Good question. I wasn’t around when Flux was originally written. But I assume it has to do with how matrix multiplication works in julia and Flux’s overall goal of being just normal looking Julia.
Imagine you have a chain
julia> model = chain(Dense(2, 10), RNN(10, 1))
The chain is just a convenient operator for chaining information forward. The dense layer is very simple under the hood resulting in this operation for an input vector x (you can find this for 0.11.6 here.
function (a::Dense)(x::AbstractArray)
W, b, σ = a.W, a.b, a.σ
σ.(W*x .+ b)
end
Now if we use 3d-arrays, this doesn’t work because W (which is a matrix) and x (which is now a 3d-array) don’t have default behavior for multiplication, and in fact there are many ways to do this where it doesn’t make sense for * to have default behavior.
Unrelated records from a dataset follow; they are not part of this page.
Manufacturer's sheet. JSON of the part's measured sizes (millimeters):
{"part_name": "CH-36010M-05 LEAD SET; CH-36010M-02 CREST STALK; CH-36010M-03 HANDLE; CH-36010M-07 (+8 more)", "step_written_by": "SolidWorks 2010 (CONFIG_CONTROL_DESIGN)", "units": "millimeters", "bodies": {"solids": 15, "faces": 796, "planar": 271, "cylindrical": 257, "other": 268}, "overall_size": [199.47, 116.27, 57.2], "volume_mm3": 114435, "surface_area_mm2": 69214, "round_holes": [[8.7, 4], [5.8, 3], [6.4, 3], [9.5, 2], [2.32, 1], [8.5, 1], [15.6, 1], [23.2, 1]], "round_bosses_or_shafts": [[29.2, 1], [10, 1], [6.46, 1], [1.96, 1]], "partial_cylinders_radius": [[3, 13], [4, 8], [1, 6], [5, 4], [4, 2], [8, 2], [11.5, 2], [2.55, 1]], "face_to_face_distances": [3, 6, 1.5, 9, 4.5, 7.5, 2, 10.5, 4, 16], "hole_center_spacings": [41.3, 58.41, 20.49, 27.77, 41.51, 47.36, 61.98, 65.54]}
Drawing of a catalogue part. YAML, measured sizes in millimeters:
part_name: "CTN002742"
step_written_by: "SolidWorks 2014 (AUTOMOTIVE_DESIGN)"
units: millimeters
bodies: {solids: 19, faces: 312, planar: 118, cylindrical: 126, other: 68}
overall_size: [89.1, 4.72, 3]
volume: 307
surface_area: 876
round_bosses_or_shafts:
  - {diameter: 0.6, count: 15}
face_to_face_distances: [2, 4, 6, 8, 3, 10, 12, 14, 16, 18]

To make this work w/ 3-d arrays in the most “julian” way (at least by my reckoning) we would dispatch on the number of dimensions the array has and specialize. This would cause every layer (i.e. dense, recurrent, conv, etc…) to need to have a special function for these 3d arrays. Adding to the code complexity of Flux. What this function would look like is almost exactly (i think) what I wrote above, but now for each layer in the network individually. In fact what I wrote above should be just as fast as anything you would write here because for-loops are fast in Julia, so there isn’t much optimization to be had, and as far as I know there aren’t any specialized blas operations for this.
Instead, it makes more sense to use the broadcast or map functionality. This cuts down on specialized code in Flux, and makes running a model seem very julian/intuitve. There is no confusion about what the broadcast is doing, but in the 3d-array version now I have to check which strand is the time index.
It may seem more convenient to have support for 3d-arrays because this is what Tensorflow/Pytorch do. But they have to do this for efficiency as python for loops can be slow, so they just do the for loop in c instead. This isn’t a bad thing. And actually quite clever. It is just that Julia doesn’t have that constraint. So why design like we do.